(Source records)
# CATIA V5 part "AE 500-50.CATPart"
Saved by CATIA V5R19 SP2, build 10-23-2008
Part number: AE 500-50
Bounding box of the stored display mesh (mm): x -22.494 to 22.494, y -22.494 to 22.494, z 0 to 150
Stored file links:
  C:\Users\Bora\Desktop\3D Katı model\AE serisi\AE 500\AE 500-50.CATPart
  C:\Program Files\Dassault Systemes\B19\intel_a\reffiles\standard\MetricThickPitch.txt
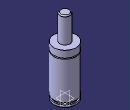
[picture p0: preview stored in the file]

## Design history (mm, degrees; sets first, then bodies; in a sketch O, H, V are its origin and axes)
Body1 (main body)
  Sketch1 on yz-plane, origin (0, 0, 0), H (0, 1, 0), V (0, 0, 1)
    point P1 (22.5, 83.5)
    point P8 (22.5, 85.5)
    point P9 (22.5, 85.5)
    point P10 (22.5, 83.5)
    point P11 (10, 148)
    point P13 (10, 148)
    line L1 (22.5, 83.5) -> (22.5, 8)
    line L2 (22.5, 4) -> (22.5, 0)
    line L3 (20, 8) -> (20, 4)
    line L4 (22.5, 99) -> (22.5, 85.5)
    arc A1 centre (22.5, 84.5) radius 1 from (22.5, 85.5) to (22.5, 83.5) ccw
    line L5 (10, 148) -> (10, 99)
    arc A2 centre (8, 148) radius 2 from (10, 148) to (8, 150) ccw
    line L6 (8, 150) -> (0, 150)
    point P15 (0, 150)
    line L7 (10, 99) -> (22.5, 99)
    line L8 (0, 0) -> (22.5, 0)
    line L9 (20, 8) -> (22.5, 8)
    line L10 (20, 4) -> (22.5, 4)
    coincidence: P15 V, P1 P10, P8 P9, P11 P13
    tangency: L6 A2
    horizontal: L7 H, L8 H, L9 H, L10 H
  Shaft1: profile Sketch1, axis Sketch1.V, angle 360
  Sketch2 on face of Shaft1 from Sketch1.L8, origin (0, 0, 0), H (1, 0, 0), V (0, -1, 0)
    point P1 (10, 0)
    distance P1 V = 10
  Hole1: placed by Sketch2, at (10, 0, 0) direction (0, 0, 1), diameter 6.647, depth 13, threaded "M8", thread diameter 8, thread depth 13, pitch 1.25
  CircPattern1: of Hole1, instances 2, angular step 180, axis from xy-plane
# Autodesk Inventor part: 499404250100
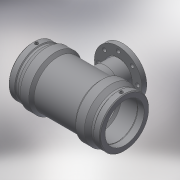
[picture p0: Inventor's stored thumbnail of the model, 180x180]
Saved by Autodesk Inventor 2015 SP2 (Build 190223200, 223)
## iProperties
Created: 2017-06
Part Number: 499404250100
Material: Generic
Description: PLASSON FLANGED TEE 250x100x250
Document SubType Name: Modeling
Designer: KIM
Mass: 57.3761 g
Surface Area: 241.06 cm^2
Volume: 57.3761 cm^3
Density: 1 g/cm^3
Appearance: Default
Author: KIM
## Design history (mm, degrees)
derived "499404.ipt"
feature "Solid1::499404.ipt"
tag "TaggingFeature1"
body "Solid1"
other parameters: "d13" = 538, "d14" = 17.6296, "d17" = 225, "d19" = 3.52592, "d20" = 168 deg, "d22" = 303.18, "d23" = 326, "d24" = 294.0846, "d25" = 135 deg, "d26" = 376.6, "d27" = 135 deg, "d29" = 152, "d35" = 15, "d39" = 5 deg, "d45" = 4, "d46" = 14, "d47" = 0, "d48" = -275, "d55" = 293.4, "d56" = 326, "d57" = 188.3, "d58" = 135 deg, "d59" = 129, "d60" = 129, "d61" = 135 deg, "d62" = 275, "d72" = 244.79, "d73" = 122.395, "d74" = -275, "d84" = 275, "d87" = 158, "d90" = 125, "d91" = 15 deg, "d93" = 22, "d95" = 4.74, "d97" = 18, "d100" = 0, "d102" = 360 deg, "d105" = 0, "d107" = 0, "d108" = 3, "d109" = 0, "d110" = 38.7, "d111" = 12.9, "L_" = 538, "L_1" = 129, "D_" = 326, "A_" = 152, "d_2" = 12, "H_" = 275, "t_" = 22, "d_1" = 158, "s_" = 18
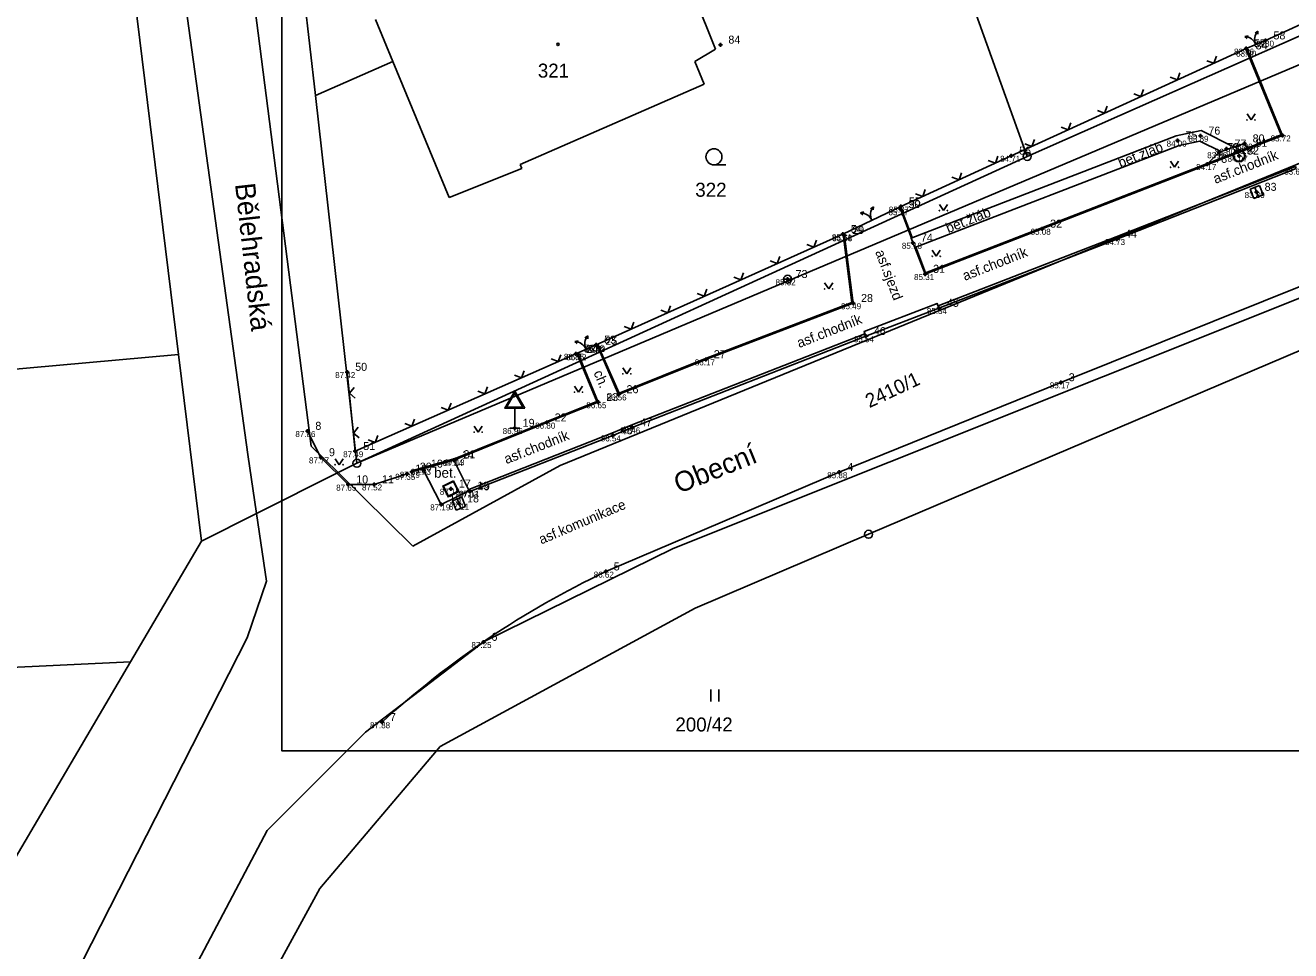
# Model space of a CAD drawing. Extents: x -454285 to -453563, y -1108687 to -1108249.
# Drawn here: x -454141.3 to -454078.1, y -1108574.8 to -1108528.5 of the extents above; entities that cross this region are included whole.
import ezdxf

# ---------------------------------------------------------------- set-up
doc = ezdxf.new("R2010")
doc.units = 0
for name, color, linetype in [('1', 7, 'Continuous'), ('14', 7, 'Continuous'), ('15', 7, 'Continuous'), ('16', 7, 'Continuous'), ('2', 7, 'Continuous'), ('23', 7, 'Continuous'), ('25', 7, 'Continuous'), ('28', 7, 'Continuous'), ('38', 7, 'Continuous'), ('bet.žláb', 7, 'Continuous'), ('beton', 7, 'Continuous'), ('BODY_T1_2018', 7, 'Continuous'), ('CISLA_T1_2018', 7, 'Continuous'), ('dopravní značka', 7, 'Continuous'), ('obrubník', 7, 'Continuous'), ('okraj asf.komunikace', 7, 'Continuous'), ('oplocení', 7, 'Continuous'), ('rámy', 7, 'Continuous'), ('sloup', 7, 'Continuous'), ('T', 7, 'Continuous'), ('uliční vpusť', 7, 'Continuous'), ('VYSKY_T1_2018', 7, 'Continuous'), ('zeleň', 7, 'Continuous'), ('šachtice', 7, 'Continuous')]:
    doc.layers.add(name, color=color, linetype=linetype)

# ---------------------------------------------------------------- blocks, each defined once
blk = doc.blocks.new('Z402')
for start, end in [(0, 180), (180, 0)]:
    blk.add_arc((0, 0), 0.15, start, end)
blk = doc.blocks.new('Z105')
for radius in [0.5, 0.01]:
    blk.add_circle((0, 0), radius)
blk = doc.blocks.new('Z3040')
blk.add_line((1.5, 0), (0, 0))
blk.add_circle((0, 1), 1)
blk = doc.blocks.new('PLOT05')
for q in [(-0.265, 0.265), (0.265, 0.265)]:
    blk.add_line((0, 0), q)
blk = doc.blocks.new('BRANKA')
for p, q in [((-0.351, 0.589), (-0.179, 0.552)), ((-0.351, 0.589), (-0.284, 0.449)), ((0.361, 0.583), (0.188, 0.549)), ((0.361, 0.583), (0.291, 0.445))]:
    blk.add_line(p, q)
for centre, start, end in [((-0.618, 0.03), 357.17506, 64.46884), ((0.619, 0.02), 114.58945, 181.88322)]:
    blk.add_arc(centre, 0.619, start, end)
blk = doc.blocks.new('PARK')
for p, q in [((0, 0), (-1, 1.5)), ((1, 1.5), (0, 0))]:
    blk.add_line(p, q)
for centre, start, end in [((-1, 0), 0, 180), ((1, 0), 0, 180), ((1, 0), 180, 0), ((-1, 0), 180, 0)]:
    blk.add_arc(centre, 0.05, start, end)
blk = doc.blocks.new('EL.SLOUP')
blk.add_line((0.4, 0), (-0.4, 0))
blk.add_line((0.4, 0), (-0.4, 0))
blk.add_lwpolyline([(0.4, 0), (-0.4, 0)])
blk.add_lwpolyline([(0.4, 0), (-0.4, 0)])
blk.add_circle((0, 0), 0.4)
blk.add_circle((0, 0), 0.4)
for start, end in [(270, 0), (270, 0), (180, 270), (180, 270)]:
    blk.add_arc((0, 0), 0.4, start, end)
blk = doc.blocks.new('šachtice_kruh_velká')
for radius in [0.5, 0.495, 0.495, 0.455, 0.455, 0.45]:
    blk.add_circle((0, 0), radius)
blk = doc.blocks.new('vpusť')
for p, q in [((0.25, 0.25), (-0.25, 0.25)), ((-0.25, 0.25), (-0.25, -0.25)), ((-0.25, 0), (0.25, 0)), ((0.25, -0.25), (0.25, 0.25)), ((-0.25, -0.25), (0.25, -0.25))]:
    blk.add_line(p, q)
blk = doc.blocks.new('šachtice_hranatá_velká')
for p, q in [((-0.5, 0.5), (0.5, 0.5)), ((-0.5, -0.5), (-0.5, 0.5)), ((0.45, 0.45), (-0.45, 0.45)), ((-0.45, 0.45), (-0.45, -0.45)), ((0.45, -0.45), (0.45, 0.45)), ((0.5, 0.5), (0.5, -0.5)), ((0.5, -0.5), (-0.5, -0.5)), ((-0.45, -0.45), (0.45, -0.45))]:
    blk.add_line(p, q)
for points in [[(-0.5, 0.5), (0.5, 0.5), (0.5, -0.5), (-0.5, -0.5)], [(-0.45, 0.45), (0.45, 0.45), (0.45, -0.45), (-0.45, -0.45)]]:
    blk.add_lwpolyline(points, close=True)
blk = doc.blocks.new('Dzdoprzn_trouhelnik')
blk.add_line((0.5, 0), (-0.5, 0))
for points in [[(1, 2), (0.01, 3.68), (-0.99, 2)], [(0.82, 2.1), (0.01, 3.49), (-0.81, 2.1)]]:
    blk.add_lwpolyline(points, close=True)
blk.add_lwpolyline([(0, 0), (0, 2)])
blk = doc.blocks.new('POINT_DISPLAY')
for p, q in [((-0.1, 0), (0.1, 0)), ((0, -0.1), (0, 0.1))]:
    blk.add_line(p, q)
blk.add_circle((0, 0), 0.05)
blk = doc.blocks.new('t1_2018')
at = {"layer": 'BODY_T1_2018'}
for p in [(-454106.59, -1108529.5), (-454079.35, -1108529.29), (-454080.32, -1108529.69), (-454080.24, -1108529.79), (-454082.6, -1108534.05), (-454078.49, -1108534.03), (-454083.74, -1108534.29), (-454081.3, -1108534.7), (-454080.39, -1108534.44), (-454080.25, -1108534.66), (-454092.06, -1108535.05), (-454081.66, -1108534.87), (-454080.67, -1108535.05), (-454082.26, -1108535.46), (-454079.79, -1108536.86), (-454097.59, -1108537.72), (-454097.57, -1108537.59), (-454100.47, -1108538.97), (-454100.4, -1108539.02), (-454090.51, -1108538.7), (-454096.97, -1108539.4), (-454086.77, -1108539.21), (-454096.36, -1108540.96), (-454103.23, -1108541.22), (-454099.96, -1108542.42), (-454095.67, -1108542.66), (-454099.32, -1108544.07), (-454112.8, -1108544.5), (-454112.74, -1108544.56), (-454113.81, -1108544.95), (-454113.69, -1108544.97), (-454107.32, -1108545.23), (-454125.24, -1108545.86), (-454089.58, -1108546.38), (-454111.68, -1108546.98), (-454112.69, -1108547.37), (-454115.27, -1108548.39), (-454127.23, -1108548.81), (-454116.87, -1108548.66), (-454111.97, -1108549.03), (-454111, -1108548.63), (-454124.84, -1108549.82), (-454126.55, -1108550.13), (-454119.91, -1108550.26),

● **Exercise description**: Transcribe exactly and only the lines from the top of the records through the line containing "point P15 (0, 150)", inclusive, and do not copy the pictures.

● **Your solution**:
# CATIA V5 part "AE 500-50.CATPart"
Saved by CATIA V5R19 SP2, build 10-23-2008
Part number: AE 500-50
Bounding box of the stored display mesh (mm): x -22.494 to 22.494, y -22.494 to 22.494, z 0 to 150
Stored file links:
  C:\Users\Bora\Desktop\3D Katı model\AE serisi\AE 500\AE 500-50.CATPart
  C:\Program Files\Dassault Systemes\B19\intel_a\reffiles\standard\MetricThickPitch.txt
[picture p0: preview stored in the file]

## Design history (mm, degrees; sets first, then bodies; in a sketch O, H, V are its origin and axes)
Body1 (main body)
  Sketch1 on yz-plane, origin (0, 0, 0), H (0, 1, 0), V (0, 0, 1)
    point P1 (22.5, 83.5)
    point P8 (22.5, 85.5)
    point P9 (22.5, 85.5)
    point P10 (22.5, 83.5)
    point P11 (10, 148)
    point P13 (10, 148)
    line L1 (22.5, 83.5) -> (22.5, 8)
    line L2 (22.5, 4) -> (22.5, 0)
    line L3 (20, 8) -> (20, 4)
    line L4 (22.5, 99) -> (22.5, 85.5)
    arc A1 centre (22.5, 84.5) radius 1 from (22.5, 85.5) to (22.5, 83.5) ccw
    line L5 (10, 148) -> (10, 99)
    arc A2 centre (8, 148) radius 2 from (10, 148) to (8, 150) ccw
    line L6 (8, 150) -> (0, 150)
    point P15 (0, 150)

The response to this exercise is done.